====== Provided information

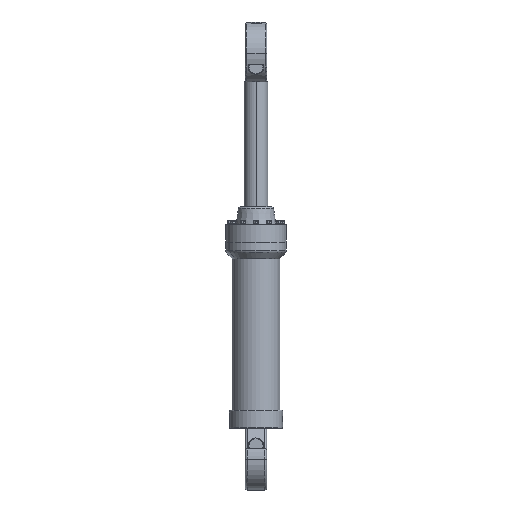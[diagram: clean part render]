
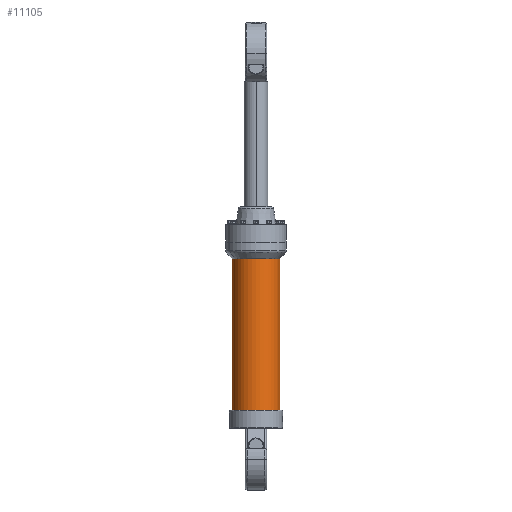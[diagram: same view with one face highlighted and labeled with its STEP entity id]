
A CAD part, front view. The second image highlights one B-rep face of the part: STEP entity #11105.
In plain terms, the highlighted cylindrical face has radius 57.15 mm (diameter 114.3 mm), a partial arc.
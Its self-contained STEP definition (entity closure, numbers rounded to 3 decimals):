
#431 = VERTEX_POINT ( 'NONE', #25546 ) ;
#1281 = VECTOR ( 'NONE', #14455, 1000. ) ;
#1566 = EDGE_CURVE ( 'NONE', #6004, #18419, #13920, .T. ) ;
#1853 = ORIENTED_EDGE ( 'NONE', *, *, #1566, .T. ) ;
#2064 = ORIENTED_EDGE ( 'NONE', *, *, #27237, .F. ) ;
#4842 = CARTESIAN_POINT ( 'NONE',  ( 0., 0., 362.5 ) ) ;
#5147 = CARTESIAN_POINT ( 'NONE',  ( 57.15, 0., 0. ) ) ;
#6004 = VERTEX_POINT ( 'NONE', #15127 ) ;
#6967 = FACE_OUTER_BOUND ( 'NONE', #21840, .T. ) ;
#7486 = EDGE_CURVE ( 'NONE', #431, #6004, #14069, .T. ) ;
#7672 = CARTESIAN_POINT ( 'NONE',  ( -57.15, 0., 362.5 ) ) ;
#7721 = CARTESIAN_POINT ( 'NONE',  ( 57.15, 0., 362.5 ) ) ;
#10447 = CARTESIAN_POINT ( 'NONE',  ( 57.15, 0., 362.5 ) ) ;
#10511 = CARTESIAN_POINT ( 'NONE',  ( 0., 0., 0. ) ) ;
#11105 = ADVANCED_FACE ( 'NONE', ( #6967 ), #15634, .T. ) ;
#11610 = AXIS2_PLACEMENT_3D ( 'NONE', #4842, #24600, #13504 ) ;
#11998 = CIRCLE ( 'NONE', #24698, 57.15 ) ;
#12073 = DIRECTION ( 'NONE',  ( 0., 0., -1. ) ) ;
#13038 = EDGE_CURVE ( 'NONE', #431, #22944, #11998, .T. ) ;
#13087 = ORIENTED_EDGE ( 'NONE', *, *, #13038, .F. ) ;
#13299 = DIRECTION ( 'NONE',  ( 1., 0., 0. ) ) ;
#13504 = DIRECTION ( 'NONE',  ( -1., 0., 0. ) ) ;
#13920 = CIRCLE ( 'NONE', #20709, 57.15 ) ;
#13990 = DIRECTION ( 'NONE',  ( 1., 0., 0. ) ) ;
#14069 = LINE ( 'NONE', #7672, #27573 ) ;
#14455 = DIRECTION ( 'NONE',  ( 0., 0., -1. ) ) ;
#15127 = CARTESIAN_POINT ( 'NONE',  ( -57.15, 0., 0. ) ) ;
#15634 = CYLINDRICAL_SURFACE ( 'NONE', #11610, 57.15 ) ;
#17039 = DIRECTION ( 'NONE',  ( 0., 0., 1. ) ) ;
#18419 = VERTEX_POINT ( 'NONE', #5147 ) ;
#20233 = DIRECTION ( 'NONE',  ( 0., 0., 1. ) ) ;
#20709 = AXIS2_PLACEMENT_3D ( 'NONE', #10511, #17039, #13299 ) ;
#21840 = EDGE_LOOP ( 'NONE', ( #2064, #13087, #23861, #1853 ) ) ;
#22808 = CARTESIAN_POINT ( 'NONE',  ( 0., 0., 362.5 ) ) ;
#22944 = VERTEX_POINT ( 'NONE', #7721 ) ;
#23861 = ORIENTED_EDGE ( 'NONE', *, *, #7486, .T. ) ;
#24600 = DIRECTION ( 'NONE',  ( 0., 0., -1. ) ) ;
#24698 = AXIS2_PLACEMENT_3D ( 'NONE', #22808, #20233, #13990 ) ;
#25406 = LINE ( 'NONE', #10447, #1281 ) ;
#25546 = CARTESIAN_POINT ( 'NONE',  ( -57.15, 0., 362.5 ) ) ;
#27237 = EDGE_CURVE ( 'NONE', #22944, #18419, #25406, .T. ) ;
#27573 = VECTOR ( 'NONE', #12073, 1000. ) ;

============

_Task requirements_: Exclude the images and reproduce the remaining data exactly.

_Task response_:
[diagram: clean part render]
[diagram: same view with one face highlighted and labeled with its STEP entity id]
A CAD part, front view. The second image highlights one B-rep face of the part: STEP entity #11105.
In plain terms, the highlighted cylindrical face has radius 57.15 mm (diameter 114.3 mm), a partial arc.
Its self-contained STEP definition (entity closure, numbers rounded to 3 decimals):
#431 = VERTEX_POINT ( 'NONE', #25546 ) ;
#1281 = VECTOR ( 'NONE', #14455, 1000. ) ;
#1566 = EDGE_CURVE ( 'NONE', #6004, #18419, #13920, .T. ) ;
#1853 = ORIENTED_EDGE ( 'NONE', *, *, #1566, .T. ) ;
#2064 = ORIENTED_EDGE ( 'NONE', *, *, #27237, .F. ) ;
#4842 = CARTESIAN_POINT ( 'NONE',  ( 0., 0., 362.5 ) ) ;
#5147 = CARTESIAN_POINT ( 'NONE',  ( 57.15, 0., 0. ) ) ;
#6004 = VERTEX_POINT ( 'NONE', #15127 ) ;
#6967 = FACE_OUTER_BOUND ( 'NONE', #21840, .T. ) ;
#7486 = EDGE_CURVE ( 'NONE', #431, #6004, #14069, .T. ) ;
#7672 = CARTESIAN_POINT ( 'NONE',  ( -57.15, 0., 362.5 ) ) ;
#7721 = CARTESIAN_POINT ( 'NONE',  ( 57.15, 0., 362.5 ) ) ;
#10447 = CARTESIAN_POINT ( 'NONE',  ( 57.15, 0., 362.5 ) ) ;
#10511 = CARTESIAN_POINT ( 'NONE',  ( 0., 0., 0. ) ) ;
#11105 = ADVANCED_FACE ( 'NONE', ( #6967 ), #15634, .T. ) ;
#11610 = AXIS2_PLACEMENT_3D ( 'NONE', #4842, #24600, #13504 ) ;
#11998 = CIRCLE ( 'NONE', #24698, 57.15 ) ;
#12073 = DIRECTION ( 'NONE',  ( 0., 0., -1. ) ) ;
#13038 = EDGE_CURVE ( 'NONE', #431, #22944, #11998, .T. ) ;
#13087 = ORIENTED_EDGE ( 'NONE', *, *, #13038, .F. ) ;
#13299 = DIRECTION ( 'NONE',  ( 1., 0., 0. ) ) ;
#13504 = DIRECTION ( 'NONE',  ( -1., 0., 0. ) ) ;
#13920 = CIRCLE ( 'NONE', #20709, 57.15 ) ;
#13990 = DIRECTION ( 'NONE',  ( 1., 0., 0. ) ) ;
#14069 = LINE ( 'NONE', #7672, #27573 ) ;
#14455 = DIRECTION ( 'NONE',  ( 0., 0., -1. ) ) ;
#15127 = CARTESIAN_POINT ( 'NONE',  ( -57.15, 0., 0. ) ) ;
#15634 = CYLINDRICAL_SURFACE ( 'NONE', #11610, 57.15 ) ;
#17039 = DIRECTION ( 'NONE',  ( 0., 0., 1. ) ) ;
#18419 = VERTEX_POINT ( 'NONE', #5147 ) ;
#20233 = DIRECTION ( 'NONE',  ( 0., 0., 1. ) ) ;
#20709 = AXIS2_PLACEMENT_3D ( 'NONE', #10511, #17039, #13299 ) ;
#21840 = EDGE_LOOP ( 'NONE', ( #2064, #13087, #23861, #1853 ) ) ;
#22808 = CARTESIAN_POINT ( 'NONE',  ( 0., 0., 362.5 ) ) ;
#22944 = VERTEX_POINT ( 'NONE', #7721 ) ;
#23861 = ORIENTED_EDGE ( 'NONE', *, *, #7486, .T. ) ;
#24600 = DIRECTION ( 'NONE',  ( 0., 0., -1. ) ) ;
#24698 = AXIS2_PLACEMENT_3D ( 'NONE', #22808, #20233, #13990 ) ;
#25406 = LINE ( 'NONE', #10447, #1281 ) ;
#25546 = CARTESIAN_POINT ( 'NONE',  ( -57.15, 0., 362.5 ) ) ;
#27237 = EDGE_CURVE ( 'NONE', #22944, #18419, #25406, .T. ) ;
#27573 = VECTOR ( 'NONE', #12073, 1000. ) ;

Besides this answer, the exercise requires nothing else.